Science Fair Project Encyclopedia
- This article is about the plant type. For other uses see Holly (disambiguation).
Ilex aquifolium - European Holly
Ilex canariensis - Small-leaved Holly
Ilex cassine - Dahoon Holly
Ilex crenata - Japanese Holly
Ilex decidua - Possumhaw
Ilex dipyrena - Himalayan Holly
Ilex glabra - Gallberry , inkberry
Ilex latifolia - Tarajo Holly
Ilex montana - Mountain Holly
Ilex opaca - American Holly
Ilex paraguariensis - Yerba Mate
Ilex perado - Madeiran Holly
Ilex pernyi - Perny's Holly
Ilex serrata - Japanese Winterberry
Ilex verticillata - American Winterberry
Ilex vomitoria - Yaupon Holly
Hollies are plants in the genus Ilex. They are shrubs and trees from 2-25 m tall, with a wide distribution in Asia, Europe, north Africa, and North and South America. The leaves are simple, and can be either deciduous or evergreen depending on the species, and may be entire, finely toothed, or with widely-spaced, spine-tipped leaves. Hollies are mostly dioecious, with male and female flowers on different plants, with some exceptions. Pollination is mainly by bees and other insects. The fruit is a small berry, usually red when mature, with one to ten seeds.

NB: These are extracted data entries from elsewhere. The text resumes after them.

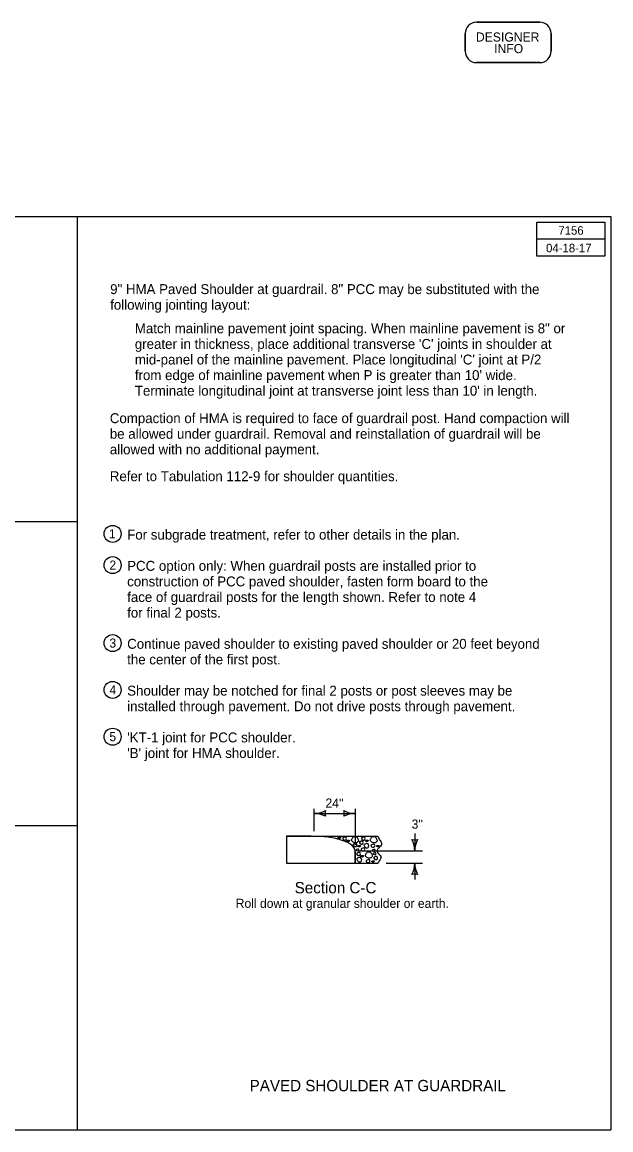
# Model space of a CAD drawing. Extents: x -1548 to 1548, y -960 to 993.
# Drawn here: x 510 to 1548, y -960 to 993 of the extents above; entities that cross this region are included whole.
import ezdxf

# ---------------------------------------------------------------- set-up
doc = ezdxf.new("R2010")
doc.units = 0
for name, color, linetype in [('dsnStdBorder', 7, 'Continuous'), ('dsnStdCells', 7, 'Continuous'), ('dsnStdDimension', 7, 'Continuous'), ('dsnStdLabel', 7, 'Continuous'), ('dsnStdLineWork', 7, 'Continuous'), ('dsnStdNameDate', 7, 'Continuous'), ('dsnStdNote', 7, 'Continuous'), ('dsnStdPattern', 7, 'Continuous'), ('dsnStdShading', 7, 'Continuous'), ('Level 4', 7, 'Continuous')]:
    doc.layers.add(name, color=color, linetype=linetype)

msp = doc.modelspace()

# ---------------------------------------------------------------- linework, layer by layer
at = {"layer": 'dsnStdBorder'}
for p, q in [((-1547.8, 650), (1547.8, 650)), ((1547.8, 650), (1547.8, -960)), ((-1547.8, -960), (1547.8, -960))]:
    msp.add_line(p, q, dxfattribs=at)
at = {"layer": 'dsnStdCells'}
for points in [[(1311.1, 992.7), (1422.5, 992.7)], [(1422.5, 992.7), (1311.1, 992.7)], [(1291.1, 941.3), (1291.1, 972.7)], [(1291.1, 972.7), (1291.1, 941.3)], [(1442.5, 972.7), (1442.5, 941.3)], [(1442.5, 941.3), (1442.5, 972.7)], [(1422.5, 921.3), (1311.1, 921.3)], [(1311.1, 921.3), (1422.5, 921.3)]]:
    msp.add_lwpolyline(points, dxfattribs=at)
for centre, start, end in [((1311.1, 972.7), 90, 180), ((1311.1, 972.7), 90, 180), ((1422.5, 972.7), 0, 90), ((1422.5, 972.7), 0, 90), ((1311.1, 941.3), 180, 270), ((1311.1, 941.3), 180, 270), ((1422.5, 941.3), 270, 0), ((1422.5, 941.3), 270, 0)]:
    msp.add_arc(centre, 20, start, end, dxfattribs=at)
at = {"layer": 'dsnStdDimension'}
for p, q in [((1024.6, -433.6), (1024.6, -394.2)), ((1024.6, -402.2), (1097.1, -402.2)), ((1097.1, -394.2), (1097.1, -457.7)), ((1202.2, -437.3), (1202.2, -468.3)), ((1104, -468.3), (1216, -468.3)), ((1151.9, -490.1), (1216, -490.1)), ((1202.2, -490.1), (1202.2, -518.7))]:
    msp.add_line(p, q, dxfattribs=at)
for centre, radius, start, end in [((1024.6, -359.7), 42.5, 270, 298.0725), ((1024.6, -444.7), 42.5, 61.9275, 90), ((1060.2, -402.2), 16.4, 162.2666, 197.7334), ((1061.5, -402.2), 16.4, 342.2666, 17.7334), ((1097.1, -359.7), 42.5, 241.9275, 270), ((1097.1, -444.7), 42.5, 90, 118.0725), ((1202.2, -432.6), 16.4, 252.2666, 287.7334), ((1159.7, -468.3), 42.5, 0, 28.0725), ((1244.7, -468.3), 42.5, 151.9275, 180), ((1159.7, -490.1), 42.5, 331.9275, 360), ((1244.7, -490.1), 42.5, 180, 208.0725), ((1202.2, -525.7), 16.4, 72.2666, 107.7334)]:
    msp.add_arc(centre, radius, start, end, dxfattribs=at)
at = {"layer": 'dsnStdLineWork'}
for p, q in [((1547.8, 650), (1547.8, 650)), ((976.2, -442.1), (976.2, -490.1)), ((976.2, -442.1), (1019.3, -442.2)), ((1019.3, -442.2), (1137, -442.2)), ((1097.1, -468.3), (1097.1, -490.1)), ((976.2, -490.1), (1097.1, -490.1)), ((1097.1, -490.1), (1137, -490.1))]:
    msp.add_line(p, q, dxfattribs=at)
msp.add_lwpolyline([(1537, 640), (1537, 580), (1417.3, 580), (1417.3, 640), (1537, 640), (1537, 610), (1417.3, 610)], dxfattribs=at)
msp.add_ellipse((1019.3, -468.3), major_axis=(77.9, 0), ratio=0.335273, start_param=0, end_param=1.570796, dxfattribs=at)
msp.add_spline([(1137, -442.2), (1138.4, -445.3), (1140.3, -448.5), (1142.1, -451.5), (1143.6, -454.6), (1143.7, -456.4), (1143, -458.1), (1140.2, -461.6), (1137, -465.1), (1135.9, -466.8), (1135.6, -467.7), (1135.4, -468.6), (1135.5, -469), (1135.8, -470.2), (1136.8, -471.8), (1139.8, -475), (1142.2, -478.1), (1142.7, -479.7), (1142.6, -480.5), (1142.5, -480.9), (1142.3, -481.3), (1137, -490.1)], degree=3, dxfattribs=at)
at = {"layer": 'dsnStdNote'}
for centre in [(669.6, 90.6), (669.6, 35.6), (669.6, -101.9), (669.6, -184.4), (669.6, -266.9)]:
    msp.add_circle(centre, 15, dxfattribs=at)
at = {"layer": 'dsnStdPattern'}
for points in [[(1068.9, -446.3), (1069.8, -446.5), (1070.3, -446.5), (1072.7, -444.1), (1068.7, -443.3), (1065.2, -445.4), (1068.1, -446.2), (1068.9, -446.3)], [(1075.3, -445.9), (1075.4, -445.3), (1075.7, -445.5), (1080.3, -442.8), (1082.7, -446), (1080.6, -450), (1075.5, -448.9), (1075.3, -446.4), (1075.3, -445.9)], [(1084.5, -451.8), (1085.4, -452), (1085.9, -452), (1088.3, -449.6), (1084.3, -448.8), (1080.8, -451), (1083.7, -451.7), (1084.5, -451.8)], [(1090.2, -449.6), (1089.9, -449.1), (1090.5, -449.5), (1092.4, -443), (1100.7, -442.8), (1103.3, -450), (1103.6, -450.8), (1098.8, -454.6), (1092.1, -452.4), (1090.5, -450.1), (1090.2, -449.6)], [(1108.3, -445.9), (1108.3, -445.3), (1108.7, -445.5), (1113.2, -442.8), (1115.6, -446), (1113.5, -450), (1108.4, -448.9), (1108.2, -446.4), (1108.3, -445.9)], [(1117.5, -451.8), (1118.3, -452), (1118.9, -452), (1121.3, -449.6), (1117.2, -448.8), (1113.8, -451), (1116.6, -451.7), (1117.5, -451.8)], [(1123.1, -449.6), (1122.9, -449.1), (1123.4, -449.5), (1125.3, -443), (1133.6, -442.8), (1136.3, -450), (1136.5, -450.8), (1131.7, -454.6), (1125, -452.4), (1123.4, -450.1), (1123.1, -449.6)], [(1093.7, -457.1), (1093.8, -456.5), (1094.1, -456.7), (1098.7, -454), (1101.1, -457.2), (1098.9, -461.3), (1093.8, -460.2), (1093.7, -457.7), (1093.7, -457.1)], [(1099.1, -466.8), (1098.7, -466.3), (1099.1, -465.9), (1103.3, -464.6), (1104.7, -468.1), (1101.5, -468.9), (1099.5, -467.3), (1099.1, -466.8)], [(1103.8, -461.1), (1104.7, -461.3), (1105.2, -461.3), (1107.6, -458.9), (1103.6, -458), (1100.1, -460.2), (1103, -460.9), (1103.8, -461.1)], [(1104.7, -453), (1104.8, -452.4), (1105.1, -452.6), (1109.7, -449.9), (1112.1, -453.1), (1110, -457.2), (1104.9, -456.1), (1104.7, -453.6), (1104.7, -453)], [(1107.6, -464.8), (1107.6, -464.3), (1108, -464.4), (1112.6, -461.8), (1115, -465), (1112.8, -469), (1107.7, -467.9), (1107.6, -465.4), (1107.6, -464.8)], [(1112.8, -459), (1112.2, -457.9), (1112.4, -457.5), (1117, -454.6), (1121, -456.4), (1122.1, -461.8), (1115.9, -464.5), (1113.4, -460.2), (1112.8, -459)], [(1125, -458.4), (1125.1, -457.8), (1125.4, -458), (1130, -455.3), (1132.4, -458.5), (1130.2, -462.6), (1125.1, -461.5), (1125, -459), (1125, -458.4)], [(1127.7, -467.2), (1127.3, -466.7), (1127.7, -466.4), (1132, -465), (1133.3, -468.5), (1130.1, -469.3), (1128.1, -467.7), (1127.7, -467.2)], [(1136.8, -461.1), (1137.6, -461.3), (1138.1, -461.3), (1140.5, -458.9), (1136.5, -458), (1133, -460.2), (1135.9, -460.9), (1136.8, -461.1)], [(1100.3, -483.6), (1099.7, -482.4), (1099.9, -482), (1104.4, -479.1), (1108.4, -481), (1109.5, -486.3), (1103.3, -489), (1100.8, -484.7), (1100.3, -483.6)], [(1099.9, -473), (1099.9, -472.4), (1100.3, -472.6), (1104.8, -469.9), (1107.2, -473.1), (1105.1, -477.1), (1100, -476.1), (1099.8, -473.6), (1099.9, -473)], [(1109.1, -479), (1109.9, -479.1), (1110.4, -479.1), (1112.8, -476.7), (1108.8, -475.9), (1105.3, -478.1), (1108.2, -478.8), (1109.1, -479)], [(1114.7, -476.7), (1114.5, -476.2), (1115, -476.6), (1116.9, -470.2), (1125.2, -469.9), (1127.8, -477.1), (1128.1, -477.9), (1123.3, -481.7), (1116.6, -479.5), (1115, -477.2), (1114.7, -476.7)], [(1116.6, -485.5), (1116.6, -485), (1117, -485.1), (1121.6, -482.5), (1124, -485.7), (1121.8, -489.7), (1116.7, -488.6), (1116.6, -486.1), (1116.6, -485.5)], [(1128.3, -488.2), (1129.2, -488.4), (1129.7, -488.4), (1132.1, -486), (1128.1, -485.2), (1124.6, -487.3), (1127.5, -488), (1128.3, -488.2)], [(1129, -473.3), (1128.6, -472.8), (1129, -472.4), (1133.3, -471.1), (1134.6, -474.6), (1131.4, -475.4), (1129.4, -473.8), (1129, -473.3)], [(1130.2, -480.1), (1130.2, -479.5), (1130.6, -479.7), (1135.1, -477), (1137.5, -480.2), (1135.4, -484.3), (1130.3, -483.2), (1130.1, -480.7), (1130.2, -480.1)]]:
    msp.add_open_spline(points, degree=3, dxfattribs=at)
at = {"layer": 'dsnStdShading'}
for p, q in [((1019.3, -442.1), (976.2, -442.1)), ((976.2, -442.1), (976.2, -490.1)), ((1097.1, -490.1), (1097.1, -468.3)), ((976.2, -490.1), (1097.1, -490.1))]:
    msp.add_line(p, q, dxfattribs=at)
msp.add_lwpolyline([(1019.3, -442.2), (1019.3, -442.1)], dxfattribs=at)
msp.add_ellipse((1019.3, -468.3), major_axis=(77.9, 0), ratio=0.335273, start_param=0, end_param=1.570796, dxfattribs=at)
at = {"layer": 'Level 4'}
for p, q in [((607.7, -960), (607.7, 650)), ((607.7, 112), (-1547.8, 112)), ((607.7, -424), (-1547.8, -424))]:
    msp.add_line(p, q, dxfattribs=at)

# ---------------------------------------------------------------- texts
at = {"layer": 'dsnStdCells'}
for s, p in [('DESIGNER', (1310.1, 958.5)), ('INFO', (1342.2, 938.1))]:
    msp.add_text(s, height=16, rotation=360, dxfattribs=at).set_placement(p)
at = {"layer": 'dsnStdDimension'}
for s, p in [("24''", (1044.7, -391.9)), ("3'' ", (1196.6, -429))]:
    msp.add_text(s, height=16, dxfattribs=at).set_placement(p)
at = {"layer": 'dsnStdLabel'}
for s, height, p in [('Section C-C', 20, (990.4, -543.1)), ('Roll down at granular shoulder or earth.', 16, (886.5, -568.7)), ('PAVED SHOULDER AT GUARDRAIL', 20, (911.1, -892))]:
    msp.add_text(s, height=height, dxfattribs=at).set_placement(p)
at = {"layer": 'dsnStdNameDate'}
for s, p in [('7156', (1455.3, 618)), ('04-18-17', (1433.6, 587))]:
    msp.add_text(s, height=15, dxfattribs=at).set_placement(p)
at = {"layer": 'dsnStdNote'}
for s, height, p in [('9" HMA Paved Shoulder at guardrail. 8" PCC may be substituted with the', 17.5, (665.2, 513.3)), ('following jointing layout:', 17.5, (665.2, 485.8)), ('Match mainline pavement joint spacing. When mainline pavement is 8" or ', 17.5, (708.7, 444.2)), ("greater in thickness, place additional transverse 'C' joints in shoulder at ", 17.5, (708.7, 416.7)), ("mid-panel of the mainline pavement. Place longitudinal 'C' joint at P/2 ", 17.5, (708.7, 389.2)), ("from edge of mainline pavement when P is greater than 10' wide. ", 17.5, (708.7, 361.7)), ("Terminate longitudinal joint at transverse joint less than 10' in length.", 17.5, (708.7, 334.2)), ('Compaction of HMA is required to face of guardrail post. Hand compaction will', 17.5, (664.6, 285.8)), ('be allowed under guardrail. Removal and reinstallation of guardrail will be', 17.5, (664.6, 258.3)), ('allowed with no additional payment.', 17.5, (664.6, 230.8)), ('Refer to Tabulation 112-9 for shoulder quantities.', 17.5, (664.6, 183.5)), ('1', 16, (662.8, 82.6)), ('For subgrade treatment, refer to other details in the plan.', 17.5, (695.2, 80.5)), ('2', 16, (663.9, 27.6)), ('PCC option only: When guardrail posts are installed prior to ', 17.5, (695.2, 25.5)), ('construction of PCC paved shoulder, fasten form board to the ', 17.5, (695.2, -2)), ('face of guardrail posts for the length shown. Refer to note 4 ', 17.5, (695.2, -29.5)), ('for final 2 posts.', 17.5, (695.2, -57)), ('3', 16, (663.8, -109.9)), ('Continue paved shoulder to existing paved shoulder or 20 feet beyond', 17.5, (695.2, -112)), ('the center of the first post.', 17.5, (695.2, -139.5)), ('4', 16, (663.9, -192.4)), ('Shoulder may be notched for final 2 posts or post sleeves may be', 17.5, (695.2, -194.5)), ('installed through pavement. Do not drive posts through pavement.', 17.5, (695.2, -222)), ('5', 16, (663.8, -274.9)), ("'KT-1 joint for PCC shoulder.", 17.5, (695.2, -277)), ("'B' joint for HMA shoulder.", 17.5, (695.2, -304.5))]:
    msp.add_text(s, height=height, dxfattribs=at).set_placement(p)

doc.saveas('drawing.dxf')

Holly berries are mildly toxic and will cause vomiting and/or diarrhea when ingested by people (note the scientific name of the Yaupon Holly!). However they are extremely important food for numerous species of birds, and also are eaten by other wild animals. In the fall and early winter the berries are hard and apparently unpalatable. After being frozen or frosted several times, the berries soften, and become edible. During winter storms, birds often take refuge in hollies, which provide shelter, protection from predators (by the spiny leaves), and food. The flowers are sometimes eaten by the larva of the Double-striped Pug moth.
Many of the hollies are highly decorative, and are widely used as ornamental plants in gardens and parks. The wood is heavy, hard and white; one traditional use is (together with ebony) for chess pieces, with holly for the white pieces, and ebony for the black. Other uses include turnery, inlay work and as firewood. The South American I. paraguariensis is used to make yerba mate, a drink similar to tea.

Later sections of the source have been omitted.